Body2tone found to be 2Good2btrue
Distributor bluffs diet customers
WEIGHT-loss product distributor has been found to have been misleading consumers – an increasingly common problem in SA, according to the doctor who complained about an advert for Body2Tone.
Body2Tone, a weight-loss pill with the slogan “No empty promises just results!”, did not have sufficient evidence to back up several of its claims on its website, according to the Advertising Standards Authority of South Africa.
The ASA ruled on Monday that Body2Tone’s distributors, Natural Body Distribution (NBD), had not responded to the complaint with a report from an independent, credible expert to back up claims that its product would “burn fat, increase energy, improve metabolism” or “reduce cravings and control appetite”.
The distributor could also not prove that a quoted testimonial from a Dr Jacques Lotz was in fact from a registered doctor.
NBD responded to the complaint and said its claims did not suggest the consumer would lose weight, but that the consumer could lose weight by using the product. The ASA disagreed.

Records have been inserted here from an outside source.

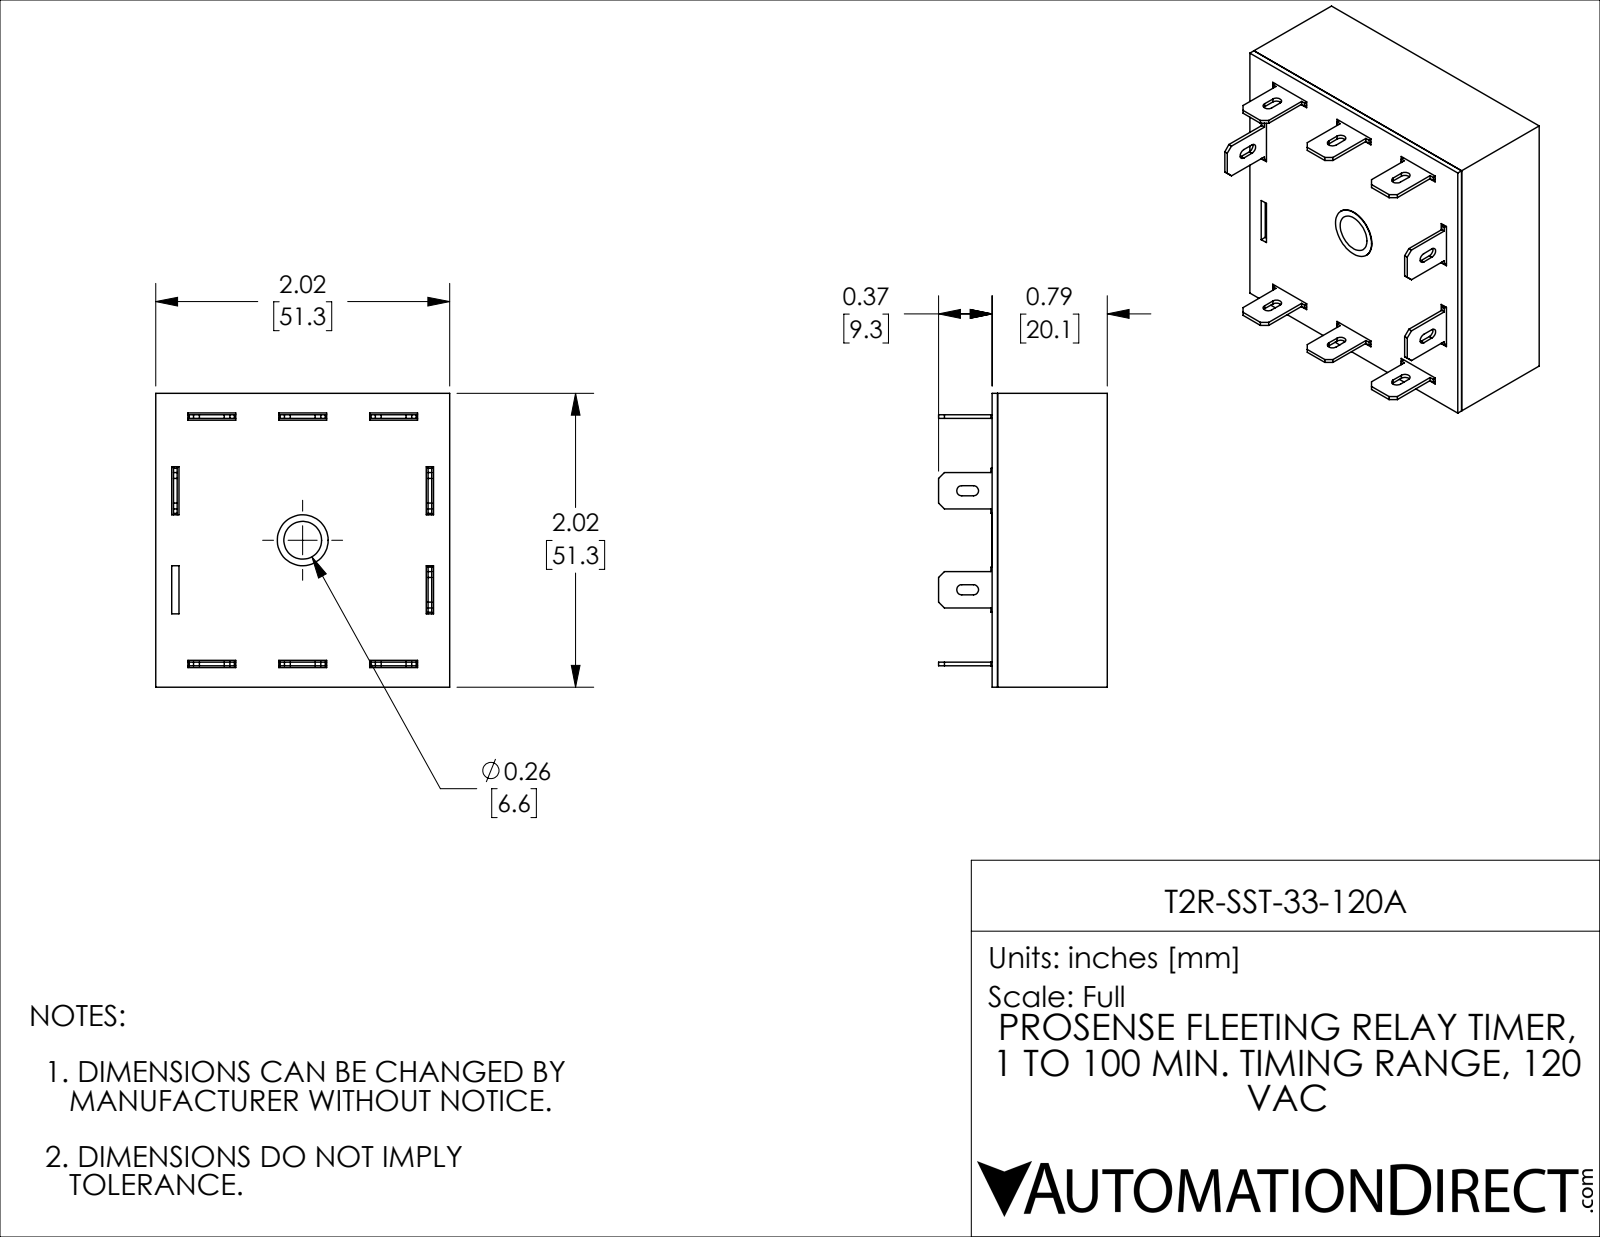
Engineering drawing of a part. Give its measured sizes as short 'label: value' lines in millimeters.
name: T2R-SST-33-120A
written by: SolidWorks 2021 (CONFIG_CONTROL_DESIGN)
unit: mm
bodies: 11 solids, 280 faces (256 planar, 22 cylindrical, 2 other)
size: 51.31 × 51.31 × 29.46
volume: 11 178 mm³; area: 23 301 mm²
holes: 1× ⌀8.89
rounds: 10× R0.89
face distances: 1.14, 50.16, 19.15, 20.12, 0.97, 18.01, 18.98, 51.3, 3.74, 47.56
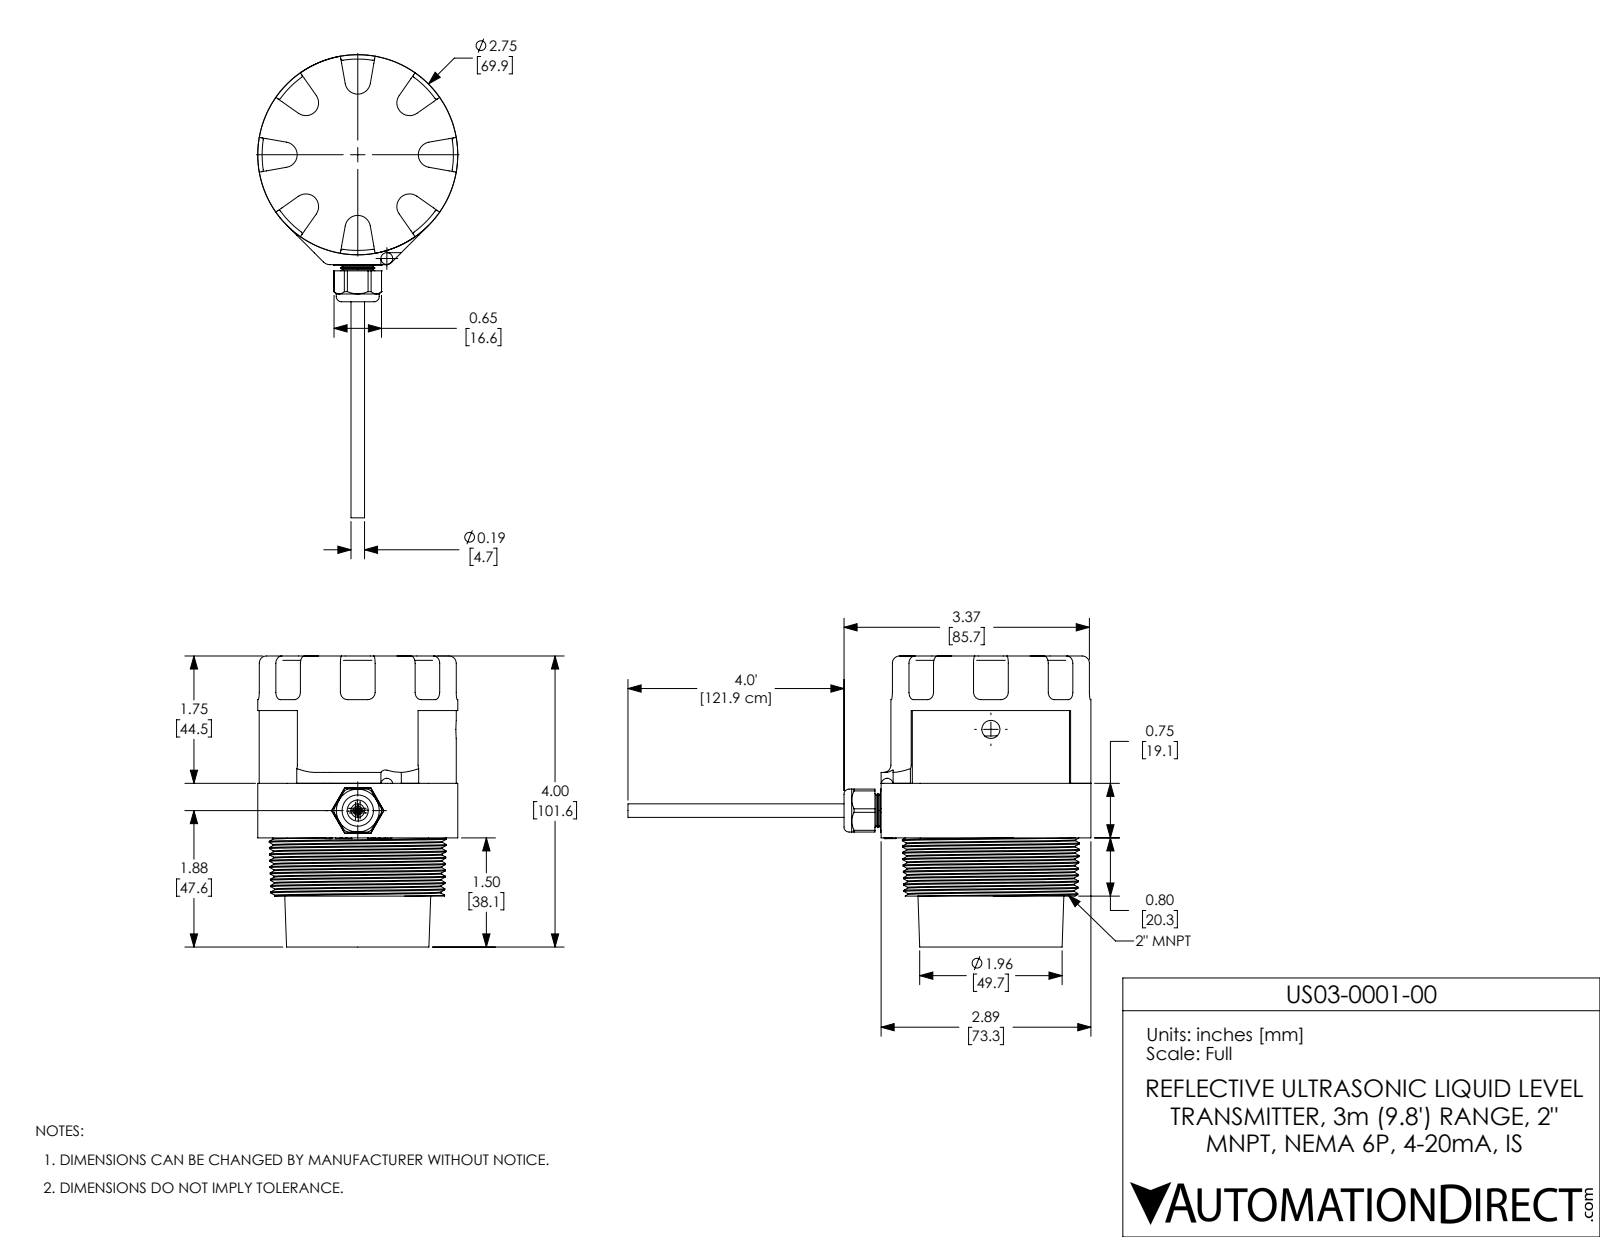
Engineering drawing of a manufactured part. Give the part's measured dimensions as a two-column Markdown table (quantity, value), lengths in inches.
| quantity | value |
| --- | --- |
| part name | US03-0001-40 |
| STEP written by | SolidWorks 2017 (AUTOMOTIVE_DESIGN) |
| units | inches |
| bodies | 11 solids, 772 faces (253 planar, 167 cylindrical, 352 other) |
| overall size | 4.969 × 4.969 × 4 |
| volume | 8.666 in³ |
| surface area | 126.9 in² |
| round holes (diameter × count) | 0.086 × 1, 0.126 × 1, 0.25 × 1, 0.29 × 1, 0.431 × 1, 1.9 × 1, 2.244 × 1, 2.347 × 1, 2.588 × 1 |
| round bosses / shafts (diameter × count) | 0.045 × 4, 2.75 × 1, 2.362 × 1, 2.231 × 1, 1.725 × 1, 1.665 × 1, 0.59 × 1, 0.186 × 1 |
| partial cylindrical surfaces (radius × count) | 0.025 × 32, 0.1 × 16, 0.175 × 8, 0.125 × 2, 0.082 × 1, 0.327 × 1, 0.902 × 1, 1.315 × 1 |
| main face-to-face distances | 0.25, 1.75, 1.5, 0.75, 2.5, 2.25, 0.035, 0.035, 1.25, 0.5 |
| hole center spacings | 1.481 |
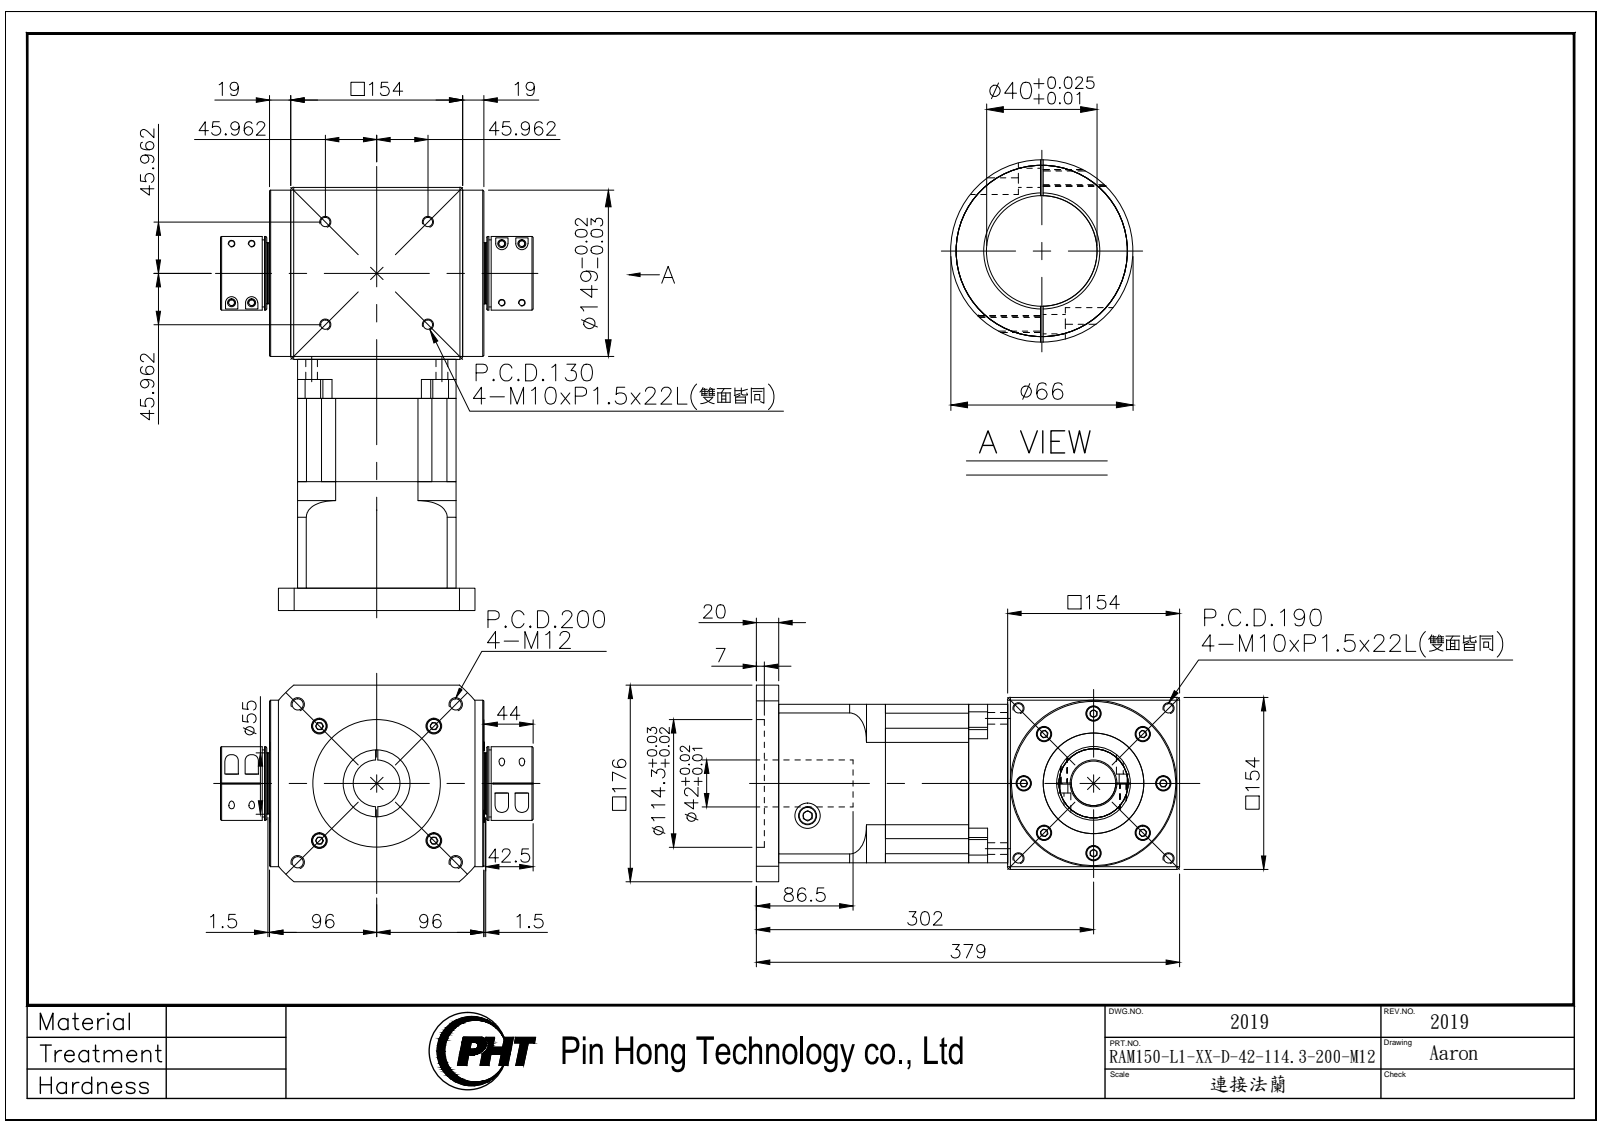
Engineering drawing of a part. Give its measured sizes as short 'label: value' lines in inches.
name: RAM150-L1-XX-D-42-114.3-200-M12_2019
written by: SolidWorks 2016 (AUTOMOTIVE_DESIGN)
unit: in
bodies: 4 solids, 1262 faces (612 planar, 432 cylindrical, 218 other)
size: 14.921 × 11.024 × 6.929
volume: 497.5 in³; area: 987.1 in²
holes: 12× ⌀0.335, 12× ⌀0.354, 12× ⌀0.551, 8× ⌀0.433, 8× ⌀0.689, 6× ⌀0.276, 4× ⌀0.268, 4× ⌀0.402, 4× ⌀0.413, 2× ⌀0.886, 1× ⌀1.575, 1× ⌀1.654
bosses: 12× ⌀0.63, 8× ⌀0.413, 8× ⌀0.394, 8× ⌀0.236, 4× ⌀0.512, 1× ⌀5.866, 1× ⌀5.118, 1× ⌀3.543
rounds: 8× R0.139, 8× R0.217, 4× R0.394, 1× R3.15, 1× R3.74, 1× R4.228, 1× R4.528
face distances: 0.236, 5.827, 6.063, 5.591, 2.933, 4.311, 1.378, 0.984, 10.374, 7.441
hole spacings: 2.795, 0.737, 0.74, 0.908, 1.433, 1.883, 2.651, 3.265

The complainant, Dr Harris Steinman, from Cape Town, said many of these weight-loss products were scams because they were unregulated.
AHe said this had resulted in an increasing amount of unsubstantiated weight loss adverts in SA.
Often, little research had been done into the natural products’ relationship to weight loss, or the distributors inflated these effects in their claims, said Steinman.
“There are now approximately 155 000 unregulated and untested products on the market, of which probably 99 percent are scams,” he said.
Steinman added that most of these were “complementary medicines” that had not gone through the same testing and scrutiny as food products and orthodox medicines.
He said only two or three of Body2Tone’s 27 listed ingredients had weight-loss effects. These had still not been fully scientifically verified, while another two were actually known to stimulate appetite.
The ASA ruled that the website must remove the offending claims and the title of doctor from the testimonial within two weeks.
NBD had not responded to The Star’s enquiry by late afternoon yesterday.